100年以上前に生まれたジャズという音楽は、2023年の現在、あらゆるジャンルと混ざり合いながら、刺激的な音楽に進化している。そんな“今、最も面白い音楽=ジャズ”の入口を、KIRINJIの堀込高樹さんがご案内。さあ、肩の力を抜いて、新しいジャズの世界へ!現在、ジャズの魅力をさらに深掘る特設サイト「JAZZ BRUTUS」もオープン中!



photo: Kazuharu Igarashi / text: Emi Fukushima

入口としてのメロディアスなJAZZ

ジャンルを横断しながら洗練されたポップスを生み出すKIRINJIの堀込高樹さん。彼のジャズの入口もまたメロディアスな楽曲だった。

「父が音楽好きで、幼い頃、家ではカントリーやラテンなど様々な軽音楽のレコードがかかっていました。その一つにジャズもあって。マイルス・デイヴィスやCTIレーベル時代のウェス・モンゴメリーなど、今振り返ると、アドリブの迫力よりもメロディが際立ったわかりやすい曲を耳にしていましたね」

中でも原点の一つとも言えるのが、1965年のホレス・シルヴァーのアルバム『Song For My Father』。

「子供心にメロディとハーモニーの綺麗さが心に残りましたね」

音楽の道を志してからもジャズを聴き続けてきた堀込さん。それはKIRINJIの楽曲の随所に表れる独特のハーモニーのきっかけにもなった。

「最も血肉になったのはコード感でしょうか。僕の場合、ロックやポップスではあまり使われないマイナーナインスやメジャーナインスなどが、曲作りを始めようとすると自然に出てくるんですよね。それらのコードは、理屈上は複雑でもギターで押さえる指の形としては意外とシンプル。理論より先に響きを知っていたがゆえに抵抗がなかったんです」

“越境”したジャズには、新たな試みが詰まっている

そしてミュージシャンとしての堀込さんに日々影響を与えているのも、ジャズ特有のハーモニーを響かせつつもメロディが立った音楽たち。特に他ジャンルと溶け合うコンテンポラリーなジャズには気づきが多い。
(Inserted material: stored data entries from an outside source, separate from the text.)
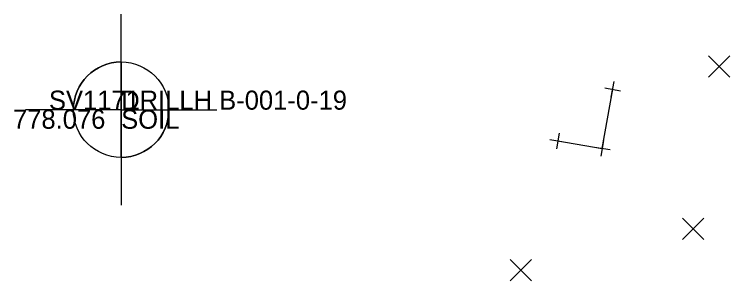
# Model space of a CAD drawing. Extents: x 1543088 to 1543675, y 586989 to 588001.
# Drawn here: x 1543087.99 to 1543132.92, y 587328.49 to 587345.25 of the extents above; entities that cross this region are included whole.
import ezdxf

# ---------------------------------------------------------------- set-up
doc = ezdxf.new("R2010")
doc.units = 0
for name, color, linetype in [('GT_Project_Soil_Boring', 7, 'Continuous'), ('SV_X_Break_Lines', 7, 'Continuous'), ('SV_X_Random_Point', 7, 'Continuous'), ('SV_X_Shot_Marker', 7, 'Continuous'), ('SV_X_Text_Comment', 7, 'Continuous'), ('SV_X_Text_Description', 7, 'Continuous'), ('SV_X_Text_Elevation', 7, 'Continuous'), ('SV_X_Text_Name', 7, 'Continuous')]:
    doc.layers.add(name, color=color, linetype=linetype)

msp = doc.modelspace()

# ---------------------------------------------------------------- linework, layer by layer
at = {"layer": 'GT_Project_Soil_Boring'}
for p, q in [((1543094.703, 587339.247), (1543094.703, 587345.247)), ((1543094.703, 587342.247), (1543094.703, 587339.247)), ((1543094.703, 587339.247), (1543088.703, 587339.247)), ((1543094.703, 587339.247), (1543091.703, 587339.247)), ((1543094.703, 587339.247), (1543094.703, 587333.247)), ((1543094.703, 587339.247), (1543100.703, 587339.247)), ((1543094.703, 587336.247), (1543094.703, 587339.247)), ((1543094.703, 587339.247), (1543097.703, 587339.247))]:
    msp.add_line(p, q, dxfattribs=at)
msp.add_circle((1543094.703, 587339.247), 3, dxfattribs=at)
for start, end in [(90, 180), (270, 360)]:
    msp.add_arc((1543094.703, 587339.247), 3, start, end, dxfattribs=at)
at = {"layer": 'SV_X_Break_Lines'}
msp.add_lwpolyline([(1543122.119, 587337.279), (1543124.912, 587336.815), (1543125.568, 587340.529)], dxfattribs=at)
at = {"layer": 'SV_X_Random_Point'}
for p, q in [((1543131.582, 587341.302), (1543132.916, 587342.637)), ((1543131.582, 587342.637), (1543132.916, 587341.302)), ((1543129.957, 587331.087), (1543131.291, 587332.422)), ((1543129.957, 587332.422), (1543131.291, 587331.087)), ((1543119.127, 587328.49), (1543120.461, 587329.825)), ((1543119.127, 587329.825), (1543120.461, 587328.49))]:
    msp.add_line(p, q, dxfattribs=at)
at = {"layer": 'SV_X_Shot_Marker'}
for p, q in [((1543125.481, 587340.037), (1543125.655, 587341.021)), ((1543125.076, 587340.616), (1543126.06, 587340.442)), ((1543125.568, 587340.529), (1543125.568, 587340.529)), ((1543122.201, 587337.772), (1543122.037, 587336.786)), ((1543121.626, 587337.361), (1543122.612, 587337.197)), ((1543122.119, 587337.279), (1543122.119, 587337.279)), ((1543124.994, 587337.308), (1543124.83, 587336.322)), ((1543124.419, 587336.897), (1543125.405, 587336.733)), ((1543124.912, 587336.815), (1543124.912, 587336.815))]:
    msp.add_line(p, q, dxfattribs=at)

# ---------------------------------------------------------------- texts
at = {"layer": 'SV_X_Text_Comment'}
msp.add_text('SOIL', height=1.2, dxfattribs=at).set_placement((1543094.703, 587338.047))
at = {"layer": 'SV_X_Text_Description'}
msp.add_text('DRILLH B-001-0-19', height=1.2, dxfattribs=at).set_placement((1543094.703, 587339.247))
at = {"layer": 'SV_X_Text_Elevation'}
msp.add_text('778.076', height=1.2, dxfattribs=at).set_placement((1543087.91, 587338.047))
at = {"layer": 'SV_X_Text_Name'}
msp.add_text('SV1171', height=1.2, dxfattribs=at).set_placement((1543090.167, 587339.247))

doc.saveas('drawing.dxf')

「ブルースがジャズに変容したように、ジャズは次第にカントリーやロックも取り込みました。契機になったのは1960年代頃なのではないかと思っています。ゲイリー・マクファーランドがビートルズの曲にアプローチしたり、キース・ジャレットがボブ・ディランのカバーを録ったり。これらは後に“フュージョン”として確立していきますが、越境して生まれた楽曲には試みが詰まっていて、曲作りのヒントをもらえるのでよく聴いています。ジャズの面白さは、他ジャンルのフレーバーを引き継ぎながら時代の音楽と柔軟に溶け合うところにありますね」

最近ならば「まずはサンダーキャットやルイス・コールがオススメ」と堀込さん。そのキャッチーさが、ロックやポップスを聴いてきた人にも馴染みやすいのではと提案する。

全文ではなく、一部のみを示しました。